# I Am Fascinated By The Universe



## Bretrick (Feb 19, 2022)

This morning (Sunay 20 Feb) I was able to ask a question on local radio and have it answered by Dr Karl Kruszelnicki, AM (Member of the Order of Australia), Science Communicator, The Julius Sumner Miller Fellow.
I put to him the question, "Will humans every be able to travel outside our Solar System considering the enormous distances and our current speed of travel.
His short answer was YES.
Not with our current technology but when we can develop Nuclear Fusion Rockets that will enable speeds of up to 3000 km/second or 10 Million kmh.
Something to look forward to.


----------



## Don M. (Feb 19, 2022)

If such a thing as "reincarnation" exists, I would like to come back, centuries in the future, where "warp speed" makes interstellar travel practical, and live in a Star Trek environment.


----------



## Bretrick (Feb 19, 2022)

Don M. said:


> If such a thing as "reincarnation" exists, I would like to come back, centuries in the future, where "warp speed" makes interstellar travel practical, and live in a Star Trek environment.


It sure would be exciting to travel the Universe and see all there is to see.


----------



## 1955 (Feb 19, 2022)

Bretrick said:


> "Will humans every be able to travel outside our Solar System considering the enormous distances and our current speed of travel.
> His short answer was YES.
> Not with our current technology but when we can develop Nuclear Fusion Rockets that will enable speeds of up to 3000 km/second or 10 Million kmh.
> Something to look forward to.


Not in our life time.

The nearest star is Alpha Centauri & it’s 4.37 light years away. Traveling at 3000km/s is only 100th the speed of light so not accounting for acceleration/deceleration profiles that’s a 437 year trip. Besides going fast there a lot of other technical problems that would need to be solved too. If we manage to survive ourselves maybe in a couple thousand years it might be possible.

Right now physicists have been promising fusion power as a clean source of power here on earth & it’s not looking to good. They just can’t seem to get more power out than they put in! But every 10 years they promise another 10 years & they’ll have it.

I am fascinated with the Universal too. Did you know we are literally made from star dust?


----------



## Bretrick (Feb 19, 2022)

1955 said:


> Not in our life time.
> 
> The nearest star is Alpha Centauri & it’s 4.37 light years away. Traveling at 3000km/s is only 100th the speed of light so not accounting for acceleration/deceleration profiles that’s a 437 year trip. Besides going fast there a lot of other technical problems that would need to be solved too. If we manage to survive ourselves maybe in a couple thousand years it might be possible.
> 
> ...


Just in.
Finally, a Fusion Reaction has generated more energy than absorbed by the fuel.
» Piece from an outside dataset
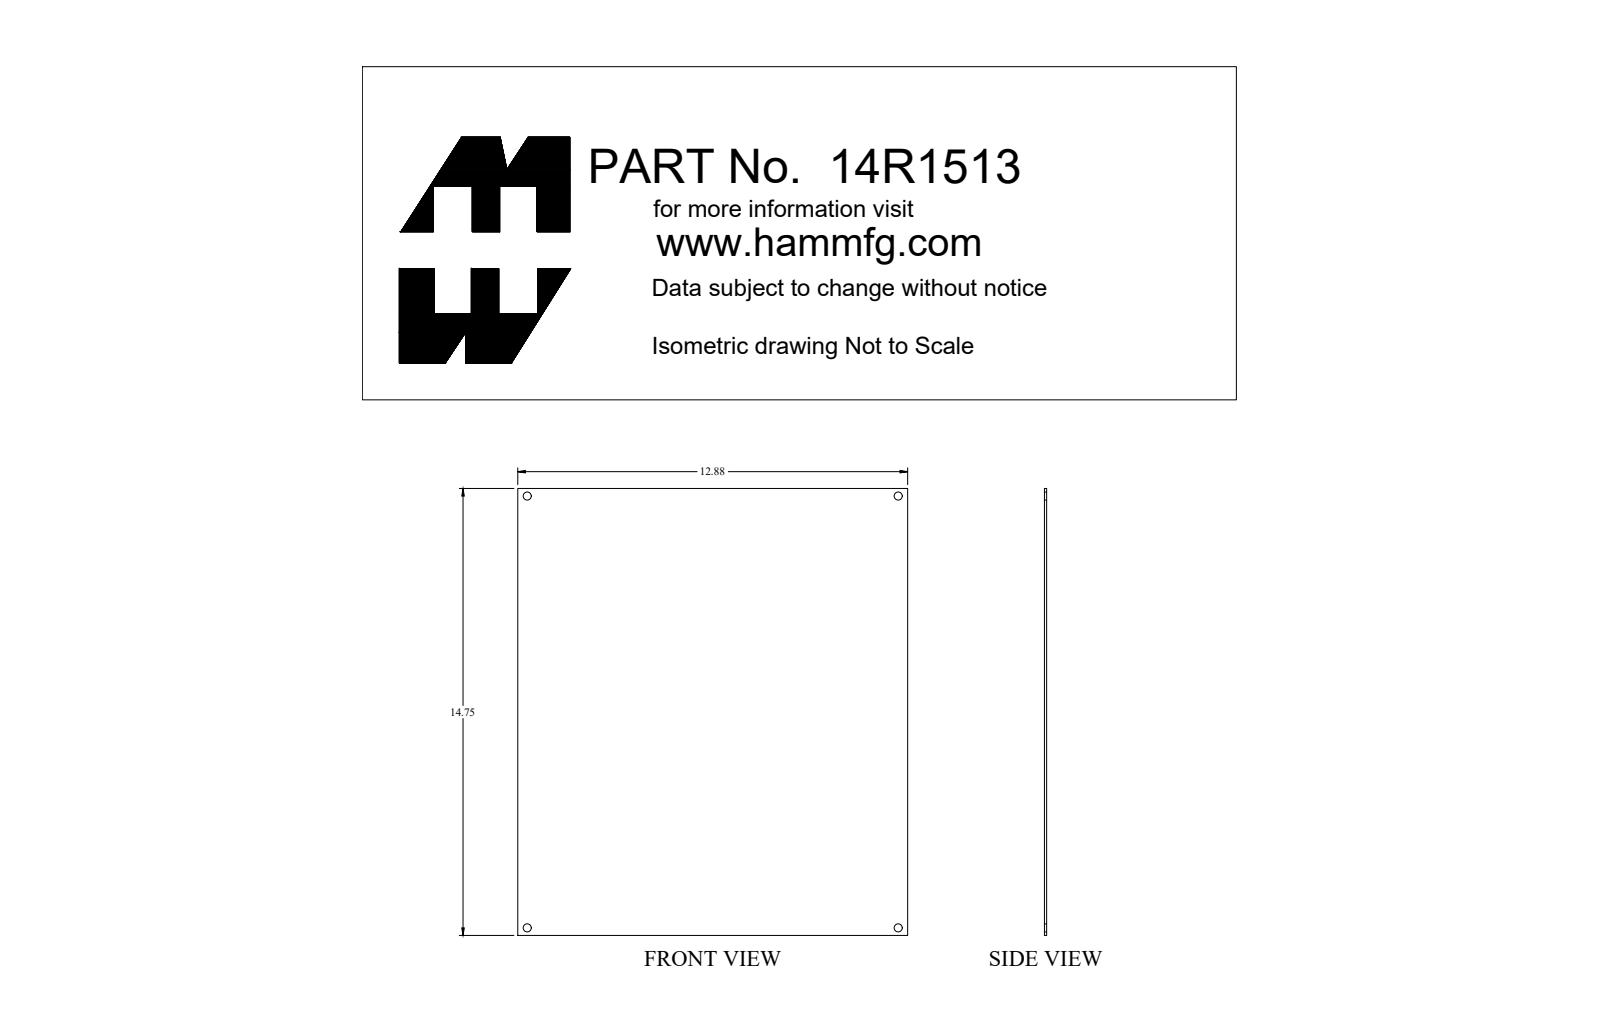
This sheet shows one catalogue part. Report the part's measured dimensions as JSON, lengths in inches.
{"part_name": "14R1513", "step_written_by": "SolidWorks 2018 (AUTOMOTIVE_DESIGN)", "units": "inches", "bodies": {"solids": 1, "faces": 10, "planar": 6, "cylindrical": 4, "other": 0}, "overall_size": [14.75, 12.875, 0.072], "volume_in3": 13.66, "surface_area_in2": 383.6, "round_holes": [[0.265, 4]], "face_to_face_distances": [0.072, 12.875, 14.75], "hole_center_spacings": [12.25, 14.25, 18.791]}

https://www.sciencealert.com/for-th...nerated-more-energy-than-absorbed-by-the-fuel


----------



## jakbird (Feb 20, 2022)

What's the shortest distance between two points?  Classical mechanics says a straight line, but it turns out that's wrong.  In quantum mechanics it can be a meaningless question, because there is no distance when tunneling from one point to another, disappearing at the first point, reappearing instantly at the second, without crossing the distance between.  Useless scientific fact?  Nope, you use it every day, all over the place, everywhere there's an LED light.  Photons (the light in an LED) are generated when an electron tunnels from one orbit to another, losing energy.  Now all we have to do is figure out how to make it work on something the size of a spaceship.

In the 60's StarTrek seemed a long way off.  Breakthroughs in quantum level research will bring us closer to an understanding of the underlying principles of reality (sorry, Mr. Einstein, God really does play dice with the Universe).  I hope it will also bring us closer to true space travel.

An aside on quantum tunneling: the size of the chips in integrated circuits keeps getting smaller and smaller.  One of the problems is keeping the signals going to the right place, since tunneling can occur and the signal hops over to another path all on its own.  Imagine trying to put in new plumbing in your house when the only pipes you can use look like swiss cheese.


----------



## Alligatorob (Feb 20, 2022)

1955 said:


> The nearest star is Alpha Centauri & it’s 4.37 light years away. Traveling at 3000km/s is only 100th the speed of light so not accounting for acceleration/deceleration profiles that’s a 437 year trip. Besides going fast there a lot of other technical problems that would need to be solved too.


Yep, seems unlikely to me...


----------



## 1955 (Feb 20, 2022)

Bretrick said:


> Just in.
> Finally, a Fusion Reaction has generated more energy than absorbed by the fuel.


Yeah, the industry is littered with these kinds of announcements. I think many of them are just a ploy to keep the funding coming in.

You really have to read these kind of articles carefully. The article sited is really just saying they’ve increased their output level of the fusion process itself. They go on to request peer review in hopes they have not made any mistakes in their calculations.

The real issue is does the reactor output more power than the total input necessary to achieve ignition. This is measured as the Q factor and anything less than 1 means no. Also, to become economical Q needs to be much greater than 1.

As reported by *Wikipedia* the *National Ignition Facility* holds the record for Q at 0.7, August 2021, which is probably the basis for the article. We are still a long way off with many technical challenges to solve and I’m not convinced yet that it will ever be technically possible or feasible in the time period we need.


----------